Home » Seventh 2018/19 Royal Institute of Philosophy Lecture: The Structure of Fictive Content

Seventh 2018/19 Royal Institute of Philosophy Lecture: The Structure of Fictive Content

When:
April 30, 2019 @ 6:00 pm – 7:30 pm
2019-04-30T18:00:00+01:00
2019-04-30T19:30:00+01:00

By: Catharine Abell (Manchester)
On: Tuesday 30th April
From: 6-7.30 pm
In: CBA0.060, Chancellor’s Building, Keele University

All Welcome! Wine provided

Abstract:
The content of works of fiction is typically taken to exceed the literal contents of the utterances by which they are produced. For example, it is generally assumed that it is part of the content of Fielding’s Tom Jones that Tom eats and sleeps regularly and has blood in his veins, although Fielding never addresses these issues. Philosophers generally attempt to accommodate this by claiming that much fictive content is generated indirectly by general principles by which facts about the real world are imported into the fiction.
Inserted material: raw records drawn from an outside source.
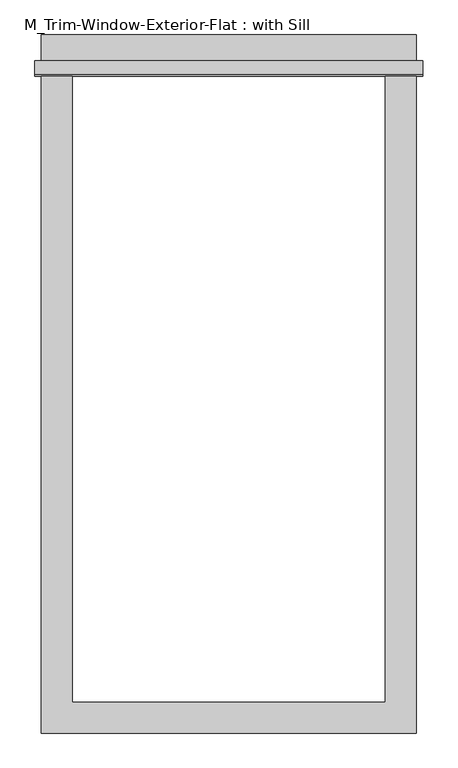
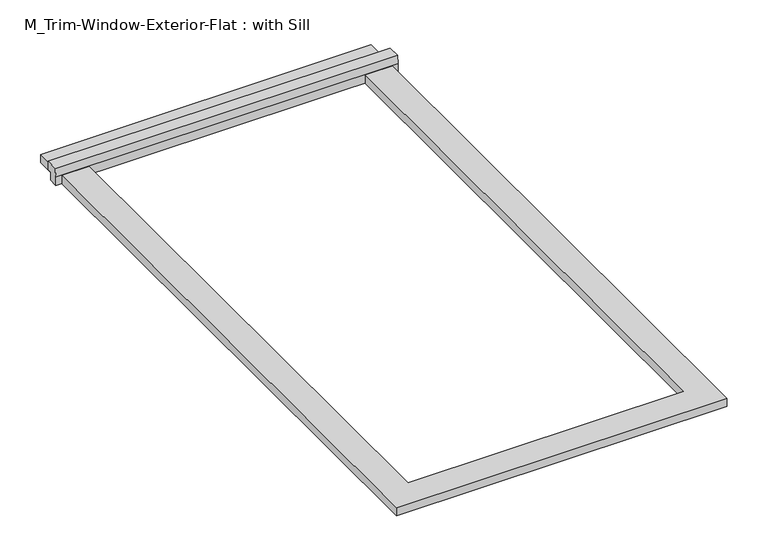
"""IFC4 building model written with IfcOpenShell, lengths in millimetres: proxy geometry, M_Trim-Window-Exterior-Flat : with Sill."""

from ifc_helpers import new_model, si_unit, frame, origin, origin_with_axes, place, context, project, spatial, polyline, outline, extrude, source, transform, mapped, element, save


def m_trim_window_exterior_flat_with_sill_620770e2(model_context):
    return source(origin(), model_context, "Body", "SweptSolid", [
        extrude(outline(polyline([(364.8, 1239.6323709), (-364.8, 1239.6323709), (-364.8, 1299.6323709), (364.8, 1299.6323709), (364.8, 1239.6323709)])), origin_with_axes(), (0.0, 0.0, 1.0), 19.05),
        extrude(outline(polyline([(1249.2, 38.1), (1249.2, 19.05), (1239.6323709, 19.05), (1239.6323709, 0.0), (1219.2, 0.0), (1219.2, 19.05), (1221.6580645, 38.1), (1249.2, 38.1)])), frame((-377.5, 0.0, 0.0), z_axis=(1.0, 0.0, 0.0), x_axis=(0.0, 1.0, 0.0)), (0.0, 0.0, 1.0), 755.0),
        extrude(outline(polyline([(-364.8, -60.0), (-364.8, 1219.2), (-304.8, 1219.2), (-304.8, 0.0), (304.8, 0.0), (304.8, 1219.2), (364.8, 1219.2), (364.8, -60.0), (-364.8, -60.0)])), origin_with_axes(), (0.0, 0.0, 1.0), 19.05),
    ])


if __name__ == "__main__":
    model = new_model("IFC4")
    model_context = context("Model", 3, world=origin())
    ifc_project = project(units=[si_unit("LENGTHUNIT", "METRE", prefix="MILLI")], contexts=[model_context])
    site = spatial("IfcSite", under=ifc_project)
    building = spatial("IfcBuilding", under=site)
    placement = place(None, origin())
    m_trim_window_exterior_flat_with_sill_shape = m_trim_window_exterior_flat_with_sill_620770e2(model_context)
    element("IfcBuildingElementProxy", 1, Name="M_Trim-Window-Exterior-Flat : with Sill", ObjectType="M_Trim-Window-Exterior-Flat : with Sill", at=placement, inside=building, context=model_context, shape_type="MappedRepresentation", body=[
        mapped(m_trim_window_exterior_flat_with_sill_shape, transform((0.0, 0.0, 0.0), x_axis=(1.0, 0.0, 0.0), y_axis=(0.0, 1.0, 0.0), z_axis=(0.0, 0.0, 1.0))),
    ])
    save(model, "model.ifc")

# Revit data of these elements
# Type "M_Trim-Window-Exterior-Flat : with Sill"
#   Trim Width = 0' - 2.3622"
#   Trim Thickness_Picture Frame = 0' - 1.1811"
#   Trim Thickness_with Sill = 0' - 0 3/4"
#   Sill Thickness = 0' - 1.1811"
#   Opening Width [instance default] = 1' - 11.62205"
#   Opening Height [instance default] = 2' - 11.43307"
#   Default Elevation = 3' - 11.24409"
#   Sill = yes
#   Picture Frame = no
#   Trim Material [instance default] = none
# Element 1 (IfcBuildingElementProxy, "M_Trim-Window-Exterior-Flat : with Sill")
#   Opening Width = 2' - 0"
#   Opening Height = 4' - 0"
#   Trim Material = Clad - White
#   Materials on its faces: "Clad - White"
# Materials
#   "Clad - White": class "Wood", colour RGB 242 242 238, transparency 0, Cost = 0

I challenge this view of the structure of fictive content. I argue that fictive content is not determined by general principles of these kinds. I propose an alternative account which allow the contents of works of fiction to exceed those of the utterances by which they are produced, but provides a much more austere conception of the ways in which they can do so.

About the Speaker:
I am Reader in Philosophy at the University of Manchester. I work mainly in aesthetics, and have written on a wide range of issues in this area, including the nature of depiction, of art, of genre, and of artistic expression. I am currently completing a book on fiction to be published by OUP in 2020.